:: Problem description ::
From the line below that contains "#35820 = ORIENTED_EDGE" to the line that contains "#46491 = ORIENTED_EDGE", repeat every line exactly, both ends included, and nothing else.

[Saved entries]
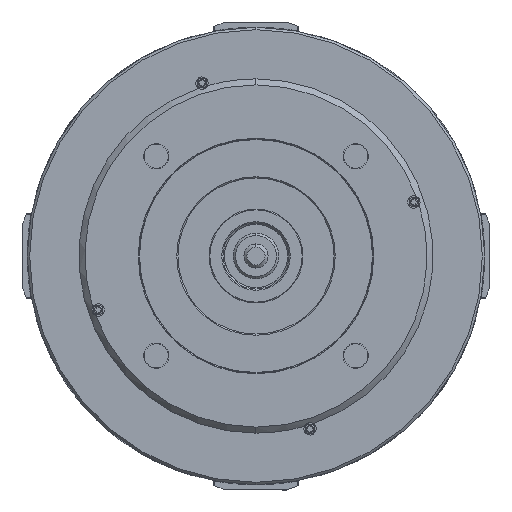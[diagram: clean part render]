
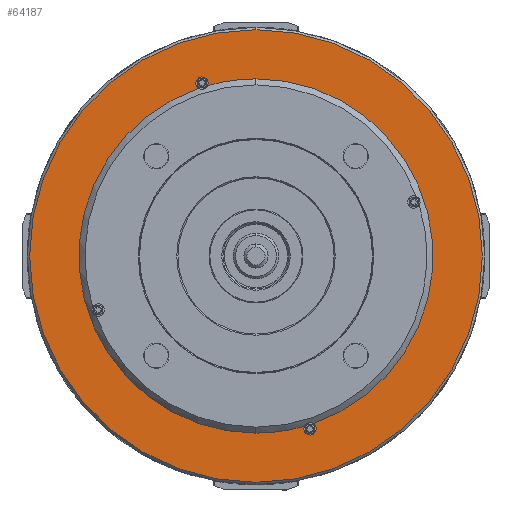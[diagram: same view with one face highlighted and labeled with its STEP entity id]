
A CAD part, left-side view. The second image highlights one B-rep face of the part: STEP entity #64187.
In plain terms, the highlighted planar face has unit normal (-1, 0, 0).
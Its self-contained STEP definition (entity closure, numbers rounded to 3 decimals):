
#28 = ORIENTED_EDGE ( 'NONE', *, *, #61543, .F. ) ;
#2240 = CIRCLE ( 'NONE', #83110, 147.5 ) ;
#2340 = EDGE_CURVE ( 'NONE', #40075, #70975, #43375, .T. ) ;
#2637 = CARTESIAN_POINT ( 'NONE',  ( -130., -45., -149.1 ) ) ;
#3854 = CIRCLE ( 'NONE', #79069, 188.5 ) ;
#4682 = VERTEX_POINT ( 'NONE', #35156 ) ;
#4897 = CARTESIAN_POINT ( 'NONE',  ( -130., 0., 0. ) ) ;
#7265 = CARTESIAN_POINT ( 'NONE',  ( -130., 0., -188.5 ) ) ;
#8762 = AXIS2_PLACEMENT_3D ( 'NONE', #65769, #87547, #13365 ) ;
#9205 = EDGE_CURVE ( 'NONE', #30537, #43067, #68383, .T. ) ;
#10561 = ORIENTED_EDGE ( 'NONE', *, *, #26899, .T. ) ;
#10785 = AXIS2_PLACEMENT_3D ( 'NONE', #36056, #16909, #83538 ) ;
#12096 = EDGE_CURVE ( 'NONE', #70975, #80070, #35112, .T. ) ;
#12548 = ORIENTED_EDGE ( 'NONE', *, *, #40353, .T. ) ;
#13365 = DIRECTION ( 'NONE',  ( 0., 0., 1. ) ) ;
#16073 = CARTESIAN_POINT ( 'NONE',  ( -130., -40.367, -141.869 ) ) ;
#16311 = CARTESIAN_POINT ( 'NONE',  ( -130., 0., 0. ) ) ;
#16466 = CIRCLE ( 'NONE', #77471, 147.5 ) ;
#16909 = DIRECTION ( 'NONE',  ( -1., 0., 0. ) ) ;
#17291 = CARTESIAN_POINT ( 'NONE',  ( -130., 47.596, 139.61 ) ) ;
#17740 = DIRECTION ( 'NONE',  ( 0., 0., -1. ) ) ;
#18204 = DIRECTION ( 'NONE',  ( 0., 0., -1. ) ) ;
#18439 = DIRECTION ( 'NONE',  ( -1., 0., 0. ) ) ;
#19568 = CARTESIAN_POINT ( 'NONE',  ( -130., 0., 188.5 ) ) ;
#19983 = EDGE_CURVE ( 'NONE', #58505, #82013, #3854, .T. ) ;
#21891 = AXIS2_PLACEMENT_3D ( 'NONE', #82383, #81521, #35764 ) ;
#22887 = CIRCLE ( 'NONE', #48404, 5.1 ) ;
#23352 = FACE_OUTER_BOUND ( 'NONE', #59856, .T. ) ;
#24431 = DIRECTION ( 'NONE',  ( 1., 0., 0. ) ) ;
#25300 = CARTESIAN_POINT ( 'NONE',  ( -130., 0., 0. ) ) ;
#25523 = DIRECTION ( 'NONE',  ( 0., 0., -1. ) ) ;
#25632 = DIRECTION ( 'NONE',  ( 0., 0., 1. ) ) ;
#26165 = EDGE_CURVE ( 'NONE', #40075, #64648, #2240, .T. ) ;
#26899 = EDGE_CURVE ( 'NONE', #66340, #80070, #16466, .T. ) ;
#29566 = ORIENTED_EDGE ( 'NONE', *, *, #9205, .F. ) ;
#30537 = VERTEX_POINT ( 'NONE', #16073 ) ;
#30918 = CARTESIAN_POINT ( 'NONE',  ( -130., 133.29, -133.29 ) ) ;
#31761 = CARTESIAN_POINT ( 'NONE',  ( -130., 0., 0. ) ) ;
#31789 = FACE_BOUND ( 'NONE', #49328, .T. ) ;
#32430 = CARTESIAN_POINT ( 'NONE',  ( -130., 0., 0. ) ) ;
#32610 = EDGE_CURVE ( 'NONE', #30537, #66340, #56686, .T. ) ;
#33431 = ORIENTED_EDGE ( 'NONE', *, *, #19983, .F. ) ;
#35112 = CIRCLE ( 'NONE', #47866, 5.1 ) ;
#35156 = CARTESIAN_POINT ( 'NONE',  ( -130., -47.596, -139.61 ) ) ;
#35764 = DIRECTION ( 'NONE',  ( 0., 0., -1. ) ) ;
#35820 = ORIENTED_EDGE ( 'NONE', *, *, #12096, .F. ) ;
#36056 = CARTESIAN_POINT ( 'NONE',  ( -130., 45., 144. ) ) ;
#36434 = CARTESIAN_POINT ( 'NONE',  ( -130., 0., 147.5 ) ) ;
#38183 = DIRECTION ( 'NONE',  ( 1., 0., 0. ) ) ;
#40075 = VERTEX_POINT ( 'NONE', #79820 ) ;
#40353 = EDGE_CURVE ( 'NONE', #64648, #4682, #81506, .T. ) ;
#41468 = DIRECTION ( 'NONE',  ( -1., 0., 0. ) ) ;
#41650 = AXIS2_PLACEMENT_3D ( 'NONE', #30918, #50458, #71764 ) ;
#42221 = EDGE_CURVE ( 'NONE', #82013, #58505, #46323, .T. ) ;
#43067 = VERTEX_POINT ( 'NONE', #2637 ) ;
#43375 = CIRCLE ( 'NONE', #10785, 5.1 ) ;
#44677 = PLANE ( 'NONE',  #41650 ) ;
#45114 = DIRECTION ( 'NONE',  ( 0., 0., 1. ) ) ;
#46323 = CIRCLE ( 'NONE', #51946, 188.5 ) ;
#46491 = ORIENTED_EDGE ( 'NONE', *, *, #26165, .T. ) ;
#46845 = DIRECTION ( 'NONE',  ( 1., 0., 0. ) ) ;
#47866 = AXIS2_PLACEMENT_3D ( 'NONE', #71765, #18439, #45114 ) ;
#48404 = AXIS2_PLACEMENT_3D ( 'NONE', #86465, #41468, #25632 ) ;
#49328 = EDGE_LOOP ( 'NONE', ( #29566, #84963, #10561, #35820, #85506, #46491, #12548, #28 ) ) ;
#50458 = DIRECTION ( 'NONE',  ( -1., 0., 0. ) ) ;
#51946 = AXIS2_PLACEMENT_3D ( 'NONE', #25300, #38183, #17740 ) ;
#52021 = DIRECTION ( 'NONE',  ( 0., 0., -1. ) ) ;
#56686 = CIRCLE ( 'NONE', #68062, 147.5 ) ;
#58505 = VERTEX_POINT ( 'NONE', #19568 ) ;
#59053 = ORIENTED_EDGE ( 'NONE', *, *, #42221, .F. ) ;
#59856 = EDGE_LOOP ( 'NONE', ( #59053, #33431 ) ) ;
#61543 = EDGE_CURVE ( 'NONE', #43067, #4682, #22887, .T. ) ;
#61637 = DIRECTION ( 'NONE',  ( 0., 0., -1. ) ) ;
#62500 = CARTESIAN_POINT ( 'NONE',  ( -130., 45., 149.1 ) ) ;
#64187 = ADVANCED_FACE ( 'NONE', ( #31789, #23352 ), #44677, .T. ) ;
#64648 = VERTEX_POINT ( 'NONE', #36434 ) ;
#65769 = CARTESIAN_POINT ( 'NONE',  ( -130., -45., -144. ) ) ;
#66340 = VERTEX_POINT ( 'NONE', #74102 ) ;
#68062 = AXIS2_PLACEMENT_3D ( 'NONE', #16311, #70510, #61637 ) ;
#68383 = CIRCLE ( 'NONE', #8762, 5.1 ) ;
#70510 = DIRECTION ( 'NONE',  ( 1., 0., 0. ) ) ;
#70975 = VERTEX_POINT ( 'NONE', #62500 ) ;
#71567 = DIRECTION ( 'NONE',  ( 1., 0., 0. ) ) ;
#71764 = DIRECTION ( 'NONE',  ( 0., 0., 1. ) ) ;
#71765 = CARTESIAN_POINT ( 'NONE',  ( -130., 45., 144. ) ) ;
#74102 = CARTESIAN_POINT ( 'NONE',  ( -130., 0., -147.5 ) ) ;
#77471 = AXIS2_PLACEMENT_3D ( 'NONE', #32430, #24431, #18204 ) ;
#79069 = AXIS2_PLACEMENT_3D ( 'NONE', #4897, #71567, #52021 ) ;
#79820 = CARTESIAN_POINT ( 'NONE',  ( -130., 40.367, 141.869 ) ) ;
#80070 = VERTEX_POINT ( 'NONE', #17291 ) ;
#81506 = CIRCLE ( 'NONE', #21891, 147.5 ) ;
#81521 = DIRECTION ( 'NONE',  ( 1., 0., 0. ) ) ;
#82013 = VERTEX_POINT ( 'NONE', #7265 ) ;
#82383 = CARTESIAN_POINT ( 'NONE',  ( -130., 0., 0. ) ) ;
#83110 = AXIS2_PLACEMENT_3D ( 'NONE', #31761, #46845, #25523 ) ;
#83538 = DIRECTION ( 'NONE',  ( 0., 0., 1. ) ) ;
#84963 = ORIENTED_EDGE ( 'NONE', *, *, #32610, .T. ) ;
#85506 = ORIENTED_EDGE ( 'NONE', *, *, #2340, .F. ) ;
#86465 = CARTESIAN_POINT ( 'NONE',  ( -130., -45., -144. ) ) ;
#87547 = DIRECTION ( 'NONE',  ( -1., 0., 0. ) ) ;

:: Result of the exercise ::
#35820 = ORIENTED_EDGE ( 'NONE', *, *, #12096, .F. ) ;
#36056 = CARTESIAN_POINT ( 'NONE',  ( -130., 45., 144. ) ) ;
#36434 = CARTESIAN_POINT ( 'NONE',  ( -130., 0., 147.5 ) ) ;
#38183 = DIRECTION ( 'NONE',  ( 1., 0., 0. ) ) ;
#40075 = VERTEX_POINT ( 'NONE', #79820 ) ;
#40353 = EDGE_CURVE ( 'NONE', #64648, #4682, #81506, .T. ) ;
#41468 = DIRECTION ( 'NONE',  ( -1., 0., 0. ) ) ;
#41650 = AXIS2_PLACEMENT_3D ( 'NONE', #30918, #50458, #71764 ) ;
#42221 = EDGE_CURVE ( 'NONE', #82013, #58505, #46323, .T. ) ;
#43067 = VERTEX_POINT ( 'NONE', #2637 ) ;
#43375 = CIRCLE ( 'NONE', #10785, 5.1 ) ;
#44677 = PLANE ( 'NONE',  #41650 ) ;
#45114 = DIRECTION ( 'NONE',  ( 0., 0., 1. ) ) ;
#46323 = CIRCLE ( 'NONE', #51946, 188.5 ) ;
#46491 = ORIENTED_EDGE ( 'NONE', *, *, #26165, .T. ) ;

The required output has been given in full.